As the walls seemed to close in and the ten people in the room morphed into anxious, wide-eyed versions of themselves, the doctor placed her hand on my knee and said, “But don’t worry, we collaborate with Make a Wish frequently.” That was the moment it hit me—after three years, four months, and 26 days of unrelenting worry, therapy, and countless appointments, I had finally received what I thought I desired: a diagnosis.
My daughter entered the world six weeks and four days early on a hot July night, letting out a primal scream and earning an Apgar score of nine. That was the last time she did something that was developmentally typical. My second child, my sweet baby girl, was anything but ordinary. I vividly recall sitting in the NICU, asking if this was the beginning of a tumultuous journey for preemies. The staff assured me she would be perfectly fine—just a little delayed.
Fast forward to reality: She crawled at 11 months and took her first steps at 24 months. We’re still waiting for her to speak. On her second birthday, I learned she had Cerebral Palsy. At least it wasn’t degenerative, and with determination, I believed she would progress. And she did—until I learned that progress would eventually plateau.
On December 13, 2013, while eight months pregnant with my third child, I stepped into what can only be described as a chaotic whirlwind.
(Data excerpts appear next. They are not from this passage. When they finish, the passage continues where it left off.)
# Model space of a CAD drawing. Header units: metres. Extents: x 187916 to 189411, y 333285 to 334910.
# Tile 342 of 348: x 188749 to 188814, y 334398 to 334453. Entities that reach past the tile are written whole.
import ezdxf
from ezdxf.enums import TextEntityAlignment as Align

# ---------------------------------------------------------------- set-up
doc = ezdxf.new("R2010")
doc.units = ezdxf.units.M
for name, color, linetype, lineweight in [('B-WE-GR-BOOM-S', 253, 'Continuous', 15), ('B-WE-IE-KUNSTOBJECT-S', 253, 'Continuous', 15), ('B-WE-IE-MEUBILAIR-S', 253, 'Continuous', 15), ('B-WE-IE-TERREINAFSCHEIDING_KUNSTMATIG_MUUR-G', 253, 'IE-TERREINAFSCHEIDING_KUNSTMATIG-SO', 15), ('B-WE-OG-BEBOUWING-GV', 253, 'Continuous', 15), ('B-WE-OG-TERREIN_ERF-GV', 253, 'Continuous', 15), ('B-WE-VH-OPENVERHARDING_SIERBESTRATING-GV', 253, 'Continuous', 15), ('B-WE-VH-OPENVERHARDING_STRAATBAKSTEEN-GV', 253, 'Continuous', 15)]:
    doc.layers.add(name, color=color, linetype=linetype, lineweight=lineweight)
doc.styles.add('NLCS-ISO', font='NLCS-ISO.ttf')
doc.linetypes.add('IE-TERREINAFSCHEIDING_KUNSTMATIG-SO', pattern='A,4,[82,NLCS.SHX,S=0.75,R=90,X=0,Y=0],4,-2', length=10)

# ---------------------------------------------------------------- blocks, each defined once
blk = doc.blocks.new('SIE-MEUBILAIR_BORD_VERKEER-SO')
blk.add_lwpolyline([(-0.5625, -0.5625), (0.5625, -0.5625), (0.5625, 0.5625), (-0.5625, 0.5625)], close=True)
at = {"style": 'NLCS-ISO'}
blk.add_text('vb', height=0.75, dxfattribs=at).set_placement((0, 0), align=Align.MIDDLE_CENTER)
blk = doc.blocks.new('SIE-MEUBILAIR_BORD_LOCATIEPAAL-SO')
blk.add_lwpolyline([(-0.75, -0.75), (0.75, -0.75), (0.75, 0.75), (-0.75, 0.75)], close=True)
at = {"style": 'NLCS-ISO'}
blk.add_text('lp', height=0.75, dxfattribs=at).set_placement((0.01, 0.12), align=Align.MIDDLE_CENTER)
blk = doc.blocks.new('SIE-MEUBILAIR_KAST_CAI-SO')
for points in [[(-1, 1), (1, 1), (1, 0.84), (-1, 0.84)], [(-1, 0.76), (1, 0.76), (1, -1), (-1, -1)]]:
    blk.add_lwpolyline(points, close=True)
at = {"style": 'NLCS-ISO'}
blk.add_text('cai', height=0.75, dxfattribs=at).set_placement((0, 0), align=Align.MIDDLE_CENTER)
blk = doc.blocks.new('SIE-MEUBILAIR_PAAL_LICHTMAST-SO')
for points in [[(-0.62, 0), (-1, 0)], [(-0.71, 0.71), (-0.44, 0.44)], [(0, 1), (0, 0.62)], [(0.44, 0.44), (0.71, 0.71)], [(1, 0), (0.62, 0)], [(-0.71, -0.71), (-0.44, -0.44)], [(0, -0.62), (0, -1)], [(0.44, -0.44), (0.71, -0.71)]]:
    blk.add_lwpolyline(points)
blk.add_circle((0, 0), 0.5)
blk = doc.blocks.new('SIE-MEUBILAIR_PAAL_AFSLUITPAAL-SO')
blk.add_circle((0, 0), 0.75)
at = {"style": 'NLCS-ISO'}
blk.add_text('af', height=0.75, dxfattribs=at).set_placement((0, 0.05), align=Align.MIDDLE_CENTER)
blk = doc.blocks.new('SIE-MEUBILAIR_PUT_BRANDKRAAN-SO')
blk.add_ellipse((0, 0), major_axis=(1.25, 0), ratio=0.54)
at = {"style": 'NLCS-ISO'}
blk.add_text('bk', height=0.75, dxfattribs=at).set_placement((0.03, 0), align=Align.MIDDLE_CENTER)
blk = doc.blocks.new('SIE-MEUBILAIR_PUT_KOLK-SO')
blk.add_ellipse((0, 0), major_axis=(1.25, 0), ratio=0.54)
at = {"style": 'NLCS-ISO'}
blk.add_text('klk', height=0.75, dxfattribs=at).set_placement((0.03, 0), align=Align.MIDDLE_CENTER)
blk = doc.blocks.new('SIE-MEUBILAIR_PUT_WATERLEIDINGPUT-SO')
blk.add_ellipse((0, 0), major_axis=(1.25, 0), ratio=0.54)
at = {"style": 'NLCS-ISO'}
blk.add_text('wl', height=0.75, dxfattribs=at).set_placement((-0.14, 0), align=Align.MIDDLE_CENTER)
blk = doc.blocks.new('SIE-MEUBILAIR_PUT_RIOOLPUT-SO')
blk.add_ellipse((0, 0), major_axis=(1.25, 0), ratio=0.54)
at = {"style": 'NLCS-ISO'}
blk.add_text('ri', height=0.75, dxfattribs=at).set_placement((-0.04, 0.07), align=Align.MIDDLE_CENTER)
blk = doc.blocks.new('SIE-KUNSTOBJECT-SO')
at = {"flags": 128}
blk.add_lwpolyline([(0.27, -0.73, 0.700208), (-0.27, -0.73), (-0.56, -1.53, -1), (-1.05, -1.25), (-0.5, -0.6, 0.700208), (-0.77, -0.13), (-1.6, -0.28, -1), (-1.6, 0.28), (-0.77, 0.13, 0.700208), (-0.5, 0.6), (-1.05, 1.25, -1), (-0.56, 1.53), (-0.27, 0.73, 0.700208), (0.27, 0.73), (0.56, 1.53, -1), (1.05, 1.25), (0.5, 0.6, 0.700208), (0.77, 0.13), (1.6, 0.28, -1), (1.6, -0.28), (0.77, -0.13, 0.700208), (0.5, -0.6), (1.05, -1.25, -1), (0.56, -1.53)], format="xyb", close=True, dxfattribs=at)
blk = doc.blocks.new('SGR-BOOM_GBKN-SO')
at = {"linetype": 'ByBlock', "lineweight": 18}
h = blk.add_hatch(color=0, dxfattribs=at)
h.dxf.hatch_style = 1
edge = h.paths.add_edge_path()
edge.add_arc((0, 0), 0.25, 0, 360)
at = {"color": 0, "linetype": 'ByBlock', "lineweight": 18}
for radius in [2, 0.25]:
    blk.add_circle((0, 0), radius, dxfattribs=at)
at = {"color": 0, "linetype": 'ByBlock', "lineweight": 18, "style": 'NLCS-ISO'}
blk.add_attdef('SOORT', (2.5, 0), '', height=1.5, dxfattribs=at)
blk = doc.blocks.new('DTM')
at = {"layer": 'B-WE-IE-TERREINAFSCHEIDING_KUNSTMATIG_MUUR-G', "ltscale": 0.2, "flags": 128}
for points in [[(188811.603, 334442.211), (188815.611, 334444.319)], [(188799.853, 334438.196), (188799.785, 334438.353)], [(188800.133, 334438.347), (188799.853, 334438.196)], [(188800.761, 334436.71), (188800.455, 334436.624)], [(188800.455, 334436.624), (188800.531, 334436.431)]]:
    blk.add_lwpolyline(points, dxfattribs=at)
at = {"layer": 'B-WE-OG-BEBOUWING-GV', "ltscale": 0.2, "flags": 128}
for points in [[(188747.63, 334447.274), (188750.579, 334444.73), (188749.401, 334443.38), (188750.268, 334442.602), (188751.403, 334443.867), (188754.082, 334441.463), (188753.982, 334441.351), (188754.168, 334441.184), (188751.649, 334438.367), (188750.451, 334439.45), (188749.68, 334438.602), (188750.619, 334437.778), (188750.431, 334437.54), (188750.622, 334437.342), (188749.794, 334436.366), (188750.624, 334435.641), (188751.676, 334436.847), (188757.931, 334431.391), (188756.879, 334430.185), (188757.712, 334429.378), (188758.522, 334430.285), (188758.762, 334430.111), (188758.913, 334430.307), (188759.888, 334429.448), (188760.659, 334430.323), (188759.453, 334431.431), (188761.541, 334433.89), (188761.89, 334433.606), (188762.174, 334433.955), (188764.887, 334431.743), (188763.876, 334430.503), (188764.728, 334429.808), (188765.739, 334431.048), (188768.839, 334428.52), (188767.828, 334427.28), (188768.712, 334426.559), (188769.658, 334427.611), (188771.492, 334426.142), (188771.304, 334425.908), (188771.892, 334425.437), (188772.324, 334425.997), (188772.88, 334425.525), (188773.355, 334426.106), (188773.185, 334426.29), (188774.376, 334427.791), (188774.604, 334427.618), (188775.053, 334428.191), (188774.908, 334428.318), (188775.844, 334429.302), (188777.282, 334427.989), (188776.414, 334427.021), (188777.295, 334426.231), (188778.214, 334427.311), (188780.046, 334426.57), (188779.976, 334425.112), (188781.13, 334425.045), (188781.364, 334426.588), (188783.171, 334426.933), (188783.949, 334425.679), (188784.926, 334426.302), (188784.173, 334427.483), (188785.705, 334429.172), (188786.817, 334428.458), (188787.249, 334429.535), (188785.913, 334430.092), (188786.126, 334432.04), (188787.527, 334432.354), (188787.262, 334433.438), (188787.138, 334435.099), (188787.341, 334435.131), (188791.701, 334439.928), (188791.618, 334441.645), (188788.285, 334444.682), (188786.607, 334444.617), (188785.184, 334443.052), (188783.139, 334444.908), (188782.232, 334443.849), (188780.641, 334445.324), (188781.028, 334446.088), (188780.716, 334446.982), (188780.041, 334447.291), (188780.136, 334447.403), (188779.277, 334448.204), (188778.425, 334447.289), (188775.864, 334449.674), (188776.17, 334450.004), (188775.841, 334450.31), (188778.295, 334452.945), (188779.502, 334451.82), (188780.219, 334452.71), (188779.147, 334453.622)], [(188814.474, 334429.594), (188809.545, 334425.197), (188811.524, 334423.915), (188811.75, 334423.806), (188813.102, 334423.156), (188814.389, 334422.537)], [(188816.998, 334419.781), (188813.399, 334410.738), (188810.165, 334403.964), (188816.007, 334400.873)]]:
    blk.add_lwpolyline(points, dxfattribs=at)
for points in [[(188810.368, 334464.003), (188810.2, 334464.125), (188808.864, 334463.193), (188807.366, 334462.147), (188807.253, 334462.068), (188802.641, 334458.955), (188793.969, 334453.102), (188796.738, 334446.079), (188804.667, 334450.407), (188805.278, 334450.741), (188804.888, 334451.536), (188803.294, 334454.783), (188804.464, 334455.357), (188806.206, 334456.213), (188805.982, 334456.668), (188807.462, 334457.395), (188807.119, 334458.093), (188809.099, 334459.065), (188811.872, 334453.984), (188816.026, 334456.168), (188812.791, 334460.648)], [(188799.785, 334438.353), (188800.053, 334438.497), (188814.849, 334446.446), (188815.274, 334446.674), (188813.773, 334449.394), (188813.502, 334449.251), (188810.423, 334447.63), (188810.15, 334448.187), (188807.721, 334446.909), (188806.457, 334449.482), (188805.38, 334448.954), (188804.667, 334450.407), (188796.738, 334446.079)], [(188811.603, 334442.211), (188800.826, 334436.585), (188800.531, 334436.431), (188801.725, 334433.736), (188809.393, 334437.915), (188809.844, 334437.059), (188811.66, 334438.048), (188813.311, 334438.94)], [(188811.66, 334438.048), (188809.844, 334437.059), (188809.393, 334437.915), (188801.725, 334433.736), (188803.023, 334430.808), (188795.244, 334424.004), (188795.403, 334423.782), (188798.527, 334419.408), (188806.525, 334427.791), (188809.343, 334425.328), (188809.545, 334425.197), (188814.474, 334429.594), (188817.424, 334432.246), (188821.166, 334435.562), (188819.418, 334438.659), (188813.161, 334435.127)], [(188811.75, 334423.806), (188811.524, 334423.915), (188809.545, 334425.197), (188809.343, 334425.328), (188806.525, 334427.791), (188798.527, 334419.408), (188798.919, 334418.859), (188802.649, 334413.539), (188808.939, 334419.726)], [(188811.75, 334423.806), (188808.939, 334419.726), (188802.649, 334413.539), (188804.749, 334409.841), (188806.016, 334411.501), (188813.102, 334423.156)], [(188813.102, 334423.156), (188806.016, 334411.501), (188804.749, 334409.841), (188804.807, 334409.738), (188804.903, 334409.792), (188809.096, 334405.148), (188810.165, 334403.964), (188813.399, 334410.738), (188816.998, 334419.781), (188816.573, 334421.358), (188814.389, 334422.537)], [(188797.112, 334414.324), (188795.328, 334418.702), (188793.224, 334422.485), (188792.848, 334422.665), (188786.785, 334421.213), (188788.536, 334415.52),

Surrounded by ten professionals, including a social worker, I should’ve sensed the impending storm. There I stood, round and happily pregnant, with my cherubic three-year-old by my side.
And then it came: “Your daughter has a genetic syndrome!” “It’s degenerative!” “There are no cures or treatments!” “She will have a shortened lifespan!” “It’s incredibly rare, with no known research for a cure!” “Your unborn baby has a 25% chance of having the same syndrome!” “You can never have unprotected sex with your husband again!” “Your daughter is going to die!”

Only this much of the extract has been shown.